• What needs to be done:
Nothing but the pictures is dropped; write out all the remaining data below exactly.

Records from a data source:
*-*-*
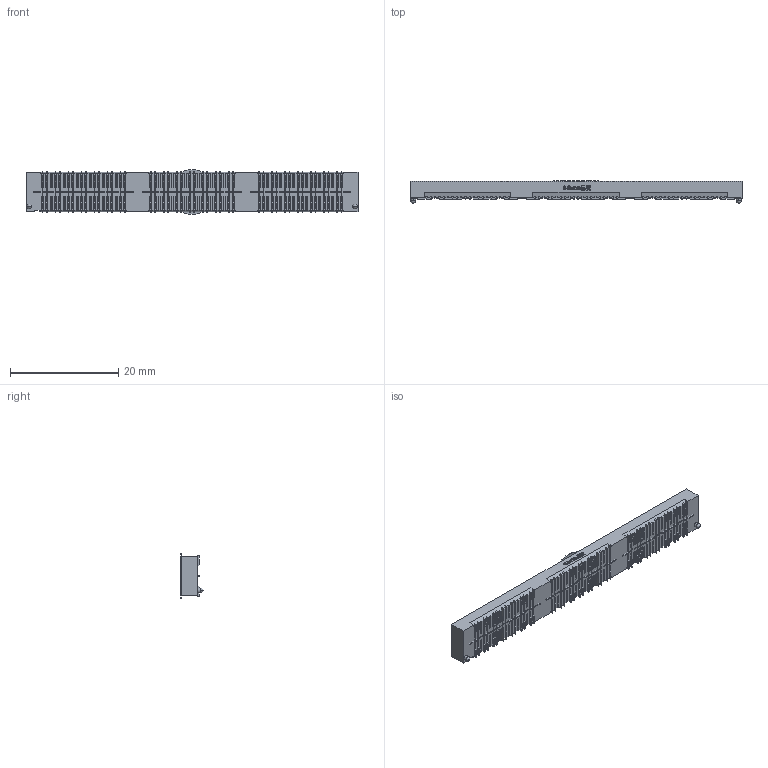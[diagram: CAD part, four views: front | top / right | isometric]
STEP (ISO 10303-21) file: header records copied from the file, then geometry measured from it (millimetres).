
FILE_DESCRIPTION (( 'STEP AP203' ), '1' );
FILE_NAME ('GT-B0806FSV32-84B0402.STEP', '2026-05-07T02:16:50', ( '' ), ( '' ), 'SwSTEP 2.0', 'SolidWorks 2020', '' );
FILE_SCHEMA (( 'CONFIG_CONTROL_DESIGN' ));
Length unit declared in the file: millimetre
Products named in the file (8): 02.stp; 03.stp; 01.stp; 04.stp; 05.stp; GT-B0806FSV32-84B0402; GT-B0806FSV32-84B0402.stp; 06.stp
Assembly tree (15 placements, depth 3):
  GT-B0806FSV32-84B0402
    GT-B0806FSV32-84B0402.stp
      01.stp
      02.stp  x3
      03.stp  x3
      04.stp  x3
      05.stp  x3
      06.stp
Bounding box: 61.29 x 4.14 x 8.26 mm (x, y, z)
Volume: 758.3 mm3; surface area: 3975.6 mm2
Topology: 14 solids, 14 shells, 4035 faces, 12178 edges, 8118 vertices
Faces by surface type: plane 3234, cylinder 726, bspline 71, sphere 4
Entity records: 85330 total; most frequent: CARTESIAN_POINT 18611, ORIENTED_EDGE 14524, DIRECTION 12474, EDGE_CURVE 7262, LINE 6516, VECTOR 6516, VERTEX_POINT 4842, AXIS2_PLACEMENT_3D 2979
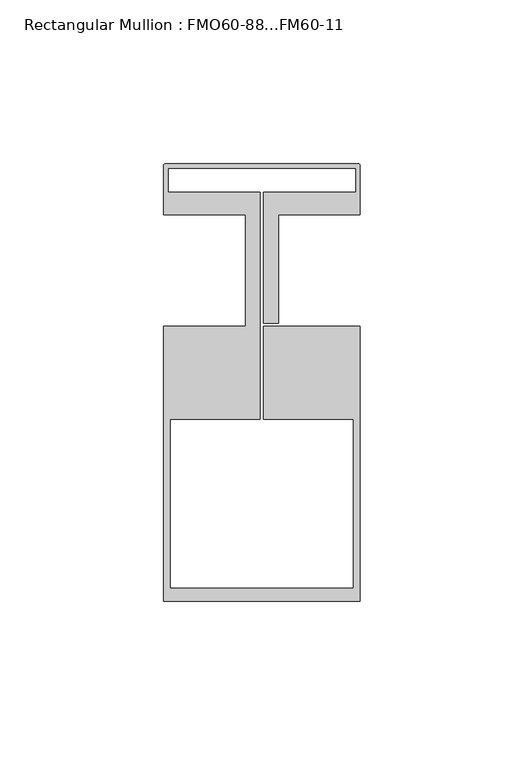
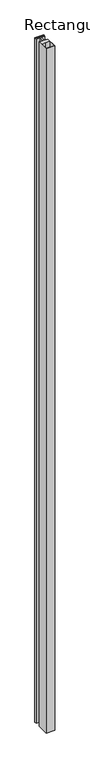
"""IFC4 building model written with IfcOpenShell, lengths in millimetres: member geometry, Rectangular Mullion : FMO60-88...FM60-11."""

from ifc_helpers import new_model, si_unit, point, frame, frame_2d, origin, place, context, project, spatial, polyline, circle_curve, trimmed, segment, composite_curve, outline, extrude, source, transform, mapped, element, save


def rectangular_mullion_fmo60_88_fm60_11_5c2764d4(model_context):
    return source(origin(), model_context, "Body", "SweptSolid", [
        extrude(outline(composite_curve([segment(trimmed(circle_curve(frame_2d((29.5, 32.1117899)), 0.5), [point((29.5, 32.6117899))], [point((30.0, 32.1117899))], False, "CARTESIAN"), True, "CONTINUOUS"), segment(polyline([(30.0, 32.1117899), (30.0, 17.1), (5.0, 17.1), (5.0, -16.1), (0.5, -16.1), (0.5, 23.9476589), (28.7, 23.9476589), (28.7, 31.3117899), (-28.7, 31.3117899), (-28.7, 23.9476589), (-0.5, 23.9476589), (-0.5, -45.4034642), (-28.0, -45.4034642), (-28.0, -96.909342), (28.0, -96.909342), (28.0, -45.4034642), (0.5, -45.4034642), (0.5, -16.9), (30.0, -16.9), (30.0, -100.909342), (-30.0, -100.909342), (-30.0, -16.9), (-5.0, -16.9), (-5.0, 17.1), (-30.0, 17.1), (-30.0, 32.1117899)]), True, "CONTINUOUS"), segment(trimmed(circle_curve(frame_2d((-29.5, 32.1117899)), 0.5), [point((-30.0, 32.1117899))], [point((-29.5, 32.6117899))], False, "CARTESIAN"), True, "CONTINUOUS"), segment(polyline([(-29.5, 32.6117899), (29.5, 32.6117899)]), True, "CONTINUOUS")], self_intersect=False)), frame((0.0, 0.0, -5000.0), z_axis=(0.0, 0.0, 1.0), x_axis=(1.0, 0.0, 0.0)), (0.0, 0.0, 1.0), 5000.0),
    ])


if __name__ == "__main__":
    model = new_model("IFC4")
    model_context = context("Model", 3, world=origin())
    ifc_project = project(units=[si_unit("LENGTHUNIT", "METRE", prefix="MILLI")], contexts=[model_context])
    site = spatial("IfcSite", under=ifc_project)
    building = spatial("IfcBuilding", under=site)
    placement = place(None, origin())
    rectangular_mullion_fmo60_88_fm60_11_shape = rectangular_mullion_fmo60_88_fm60_11_5c2764d4(model_context)
    element("IfcMember", 1, ObjectType="Rectangular Mullion : FMO60-88...FM60-11", at=placement, inside=building, context=model_context, shape_type="MappedRepresentation", body=[
        mapped(rectangular_mullion_fmo60_88_fm60_11_shape, transform((0.0, 0.0, 0.0), x_axis=(1.0, 0.0, 0.0), y_axis=(0.0, 1.0, 0.0), z_axis=(0.0, 0.0, 1.0))),
    ])
    save(model, "model.ifc")
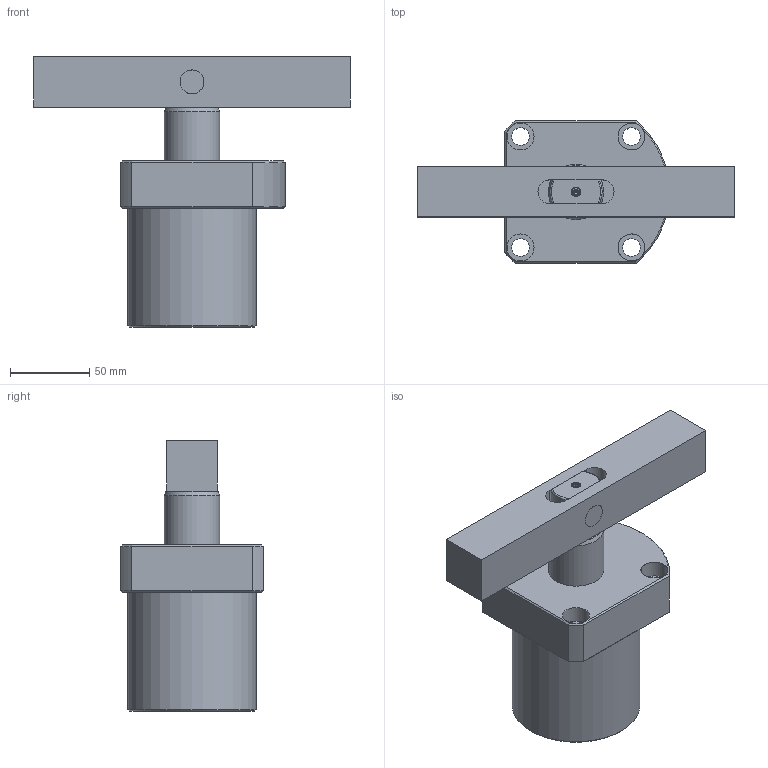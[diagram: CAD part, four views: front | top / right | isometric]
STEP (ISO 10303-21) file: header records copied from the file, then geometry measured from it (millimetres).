
FILE_DESCRIPTION(/* description */ ('Unknown'),/* implementation_level */ '2;1');
FILE_NAME(/* name */ 'HSC-FAM63D-B',/* time_stamp */ '2019-05-20T16:11:29+08:00',/* author */ ('Unknown'),/* organization */ ('Unknown'),/* preprocessor_version */ 'ST-DEVELOPER v16.7',/* originating_system */ 'DEX',/* authorisation */ $);
FILE_SCHEMA (('AUTOMOTIVE_DESIGN {1 0 10303 214 3 1 1}'));
Length unit declared in the file: millimetre
Products named in the file (5): HSC-FAM63D-B; HSC-FAM63D-CYLINDER; HSC-6302-D-AXLE CENTRE; HSC-6302-D-FIXED PIN; HSC-63D-B
Assembly tree (4 placements, depth 2):
  HSC-FAM63D-B
    HSC-FAM63D-CYLINDER
    HSC-6302-D-AXLE CENTRE
    HSC-6302-D-FIXED PIN
    HSC-63D-B
Bounding box: 200 x 90 x 170.8 mm (x, y, z)
Volume: 765174.6 mm3; surface area: 121635.6 mm2
Topology: 4 solids, 4 shells, 113 faces, 235 edges, 146 vertices
Faces by surface type: plane 49, cylinder 30, cone 24, bspline 6, torus 4
Full cylindrical faces by diameter (mm): 3.5 x2, 6 x2, 11 x4, 12 x2, 15 x4, 17 x4, 35 x2, 63 x2, 81 x1
Entity records: 2937 total; most frequent: CARTESIAN_POINT 616, DIRECTION 474, ORIENTED_EDGE 364, AXIS2_PLACEMENT_3D 208, FACE_BOUND 184, EDGE_CURVE 182, EDGE_LOOP 182, VERTEX_POINT 132
*-*-*
• Written reply:
[diagram: CAD part, four views: front | top / right | isometric]
STEP (ISO 10303-21) file: header records copied from the file, then geometry measured from it (millimetres).
FILE_DESCRIPTION (( 'STEP AP203' ), '1' );
FILE_NAME ('GT-B0806FSV32-84B0402.STEP', '2026-05-07T02:16:50', ( '' ), ( '' ), 'SwSTEP 2.0', 'SolidWorks 2020', '' );
FILE_SCHEMA (( 'CONFIG_CONTROL_DESIGN' ));
Length unit declared in the file: millimetre
Products named in the file (8): 02.stp; 03.stp; 01.stp; 04.stp; 05.stp; GT-B0806FSV32-84B0402; GT-B0806FSV32-84B0402.stp; 06.stp
Assembly tree (15 placements, depth 3):
  GT-B0806FSV32-84B0402
    GT-B0806FSV32-84B0402.stp
      01.stp
      02.stp  x3
      03.stp  x3
      04.stp  x3
      05.stp  x3
      06.stp
Bounding box: 61.29 x 4.14 x 8.26 mm (x, y, z)
Volume: 758.3 mm3; surface area: 3975.6 mm2
Topology: 14 solids, 14 shells, 4035 faces, 12178 edges, 8118 vertices
Faces by surface type: plane 3234, cylinder 726, bspline 71, sphere 4
Entity records: 85330 total; most frequent: CARTESIAN_POINT 18611, ORIENTED_EDGE 14524, DIRECTION 12474, EDGE_CURVE 7262, LINE 6516, VECTOR 6516, VERTEX_POINT 4842, AXIS2_PLACEMENT_3D 2979
"""IFC4 building model written with IfcOpenShell, lengths in millimetres: member geometry, Rectangular Mullion : FMO60-88...FM60-11."""

from ifc_helpers import new_model, si_unit, point, frame, frame_2d, origin, place, context, project, spatial, polyline, circle_curve, trimmed, segment, composite_curve, outline, extrude, source, transform, mapped, element, save


def rectangular_mullion_fmo60_88_fm60_11_5c2764d4(model_context):
    return source(origin(), model_context, "Body", "SweptSolid", [
        extrude(outline(composite_curve([segment(trimmed(circle_curve(frame_2d((29.5, 32.1117899)), 0.5), [point((29.5, 32.6117899))], [point((30.0, 32.1117899))], False, "CARTESIAN"), True, "CONTINUOUS"), segment(polyline([(30.0, 32.1117899), (30.0, 17.1), (5.0, 17.1), (5.0, -16.1), (0.5, -16.1), (0.5, 23.9476589), (28.7, 23.9476589), (28.7, 31.3117899), (-28.7, 31.3117899), (-28.7, 23.9476589), (-0.5, 23.9476589), (-0.5, -45.4034642), (-28.0, -45.4034642), (-28.0, -96.909342), (28.0, -96.909342), (28.0, -45.4034642), (0.5, -45.4034642), (0.5, -16.9), (30.0, -16.9), (30.0, -100.909342), (-30.0, -100.909342), (-30.0, -16.9), (-5.0, -16.9), (-5.0, 17.1), (-30.0, 17.1), (-30.0, 32.1117899)]), True, "CONTINUOUS"), segment(trimmed(circle_curve(frame_2d((-29.5, 32.1117899)), 0.5), [point((-30.0, 32.1117899))], [point((-29.5, 32.6117899))], False, "CARTESIAN"), True, "CONTINUOUS"), segment(polyline([(-29.5, 32.6117899), (29.5, 32.6117899)]), True, "CONTINUOUS")], self_intersect=False)), frame((0.0, 0.0, -5000.0), z_axis=(0.0, 0.0, 1.0), x_axis=(1.0, 0.0, 0.0)), (0.0, 0.0, 1.0), 5000.0),
    ])


if __name__ == "__main__":
    model = new_model("IFC4")
    model_context = context("Model", 3, world=origin())
    ifc_project = project(units=[si_unit("LENGTHUNIT", "METRE", prefix="MILLI")], contexts=[model_context])
    site = spatial("IfcSite", under=ifc_project)
    building = spatial("IfcBuilding", under=site)
    placement = place(None, origin())
    rectangular_mullion_fmo60_88_fm60_11_shape = rectangular_mullion_fmo60_88_fm60_11_5c2764d4(model_context)
    element("IfcMember", 1, ObjectType="Rectangular Mullion : FMO60-88...FM60-11", at=placement, inside=building, context=model_context, shape_type="MappedRepresentation", body=[
        mapped(rectangular_mullion_fmo60_88_fm60_11_shape, transform((0.0, 0.0, 0.0), x_axis=(1.0, 0.0, 0.0), y_axis=(0.0, 1.0, 0.0), z_axis=(0.0, 0.0, 1.0))),
    ])
    save(model, "model.ifc")
[diagram: CAD part, four views: front | top / right | isometric]
STEP (ISO 10303-21) file: header records copied from the file, then geometry measured from it (millimetres).
FILE_DESCRIPTION(/* description */ ('Unknown'),/* implementation_level */ '2;1');
FILE_NAME(/* name */ 'HSC-FAM63D-B',/* time_stamp */ '2019-05-20T16:11:29+08:00',/* author */ ('Unknown'),/* organization */ ('Unknown'),/* preprocessor_version */ 'ST-DEVELOPER v16.7',/* originating_system */ 'DEX',/* authorisation */ $);
FILE_SCHEMA (('AUTOMOTIVE_DESIGN {1 0 10303 214 3 1 1}'));
Length unit declared in the file: millimetre
Products named in the file (5): HSC-FAM63D-B; HSC-FAM63D-CYLINDER; HSC-6302-D-AXLE CENTRE; HSC-6302-D-FIXED PIN; HSC-63D-B
Assembly tree (4 placements, depth 2):
  HSC-FAM63D-B
    HSC-FAM63D-CYLINDER
    HSC-6302-D-AXLE CENTRE
    HSC-6302-D-FIXED PIN
    HSC-63D-B
Bounding box: 200 x 90 x 170.8 mm (x, y, z)
Volume: 765174.6 mm3; surface area: 121635.6 mm2
Topology: 4 solids, 4 shells, 113 faces, 235 edges, 146 vertices
Faces by surface type: plane 49, cylinder 30, cone 24, bspline 6, torus 4
Full cylindrical faces by diameter (mm): 3.5 x2, 6 x2, 11 x4, 12 x2, 15 x4, 17 x4, 35 x2, 63 x2, 81 x1
Entity records: 2937 total; most frequent: CARTESIAN_POINT 616, DIRECTION 474, ORIENTED_EDGE 364, AXIS2_PLACEMENT_3D 208, FACE_BOUND 184, EDGE_CURVE 182, EDGE_LOOP 182, VERTEX_POINT 132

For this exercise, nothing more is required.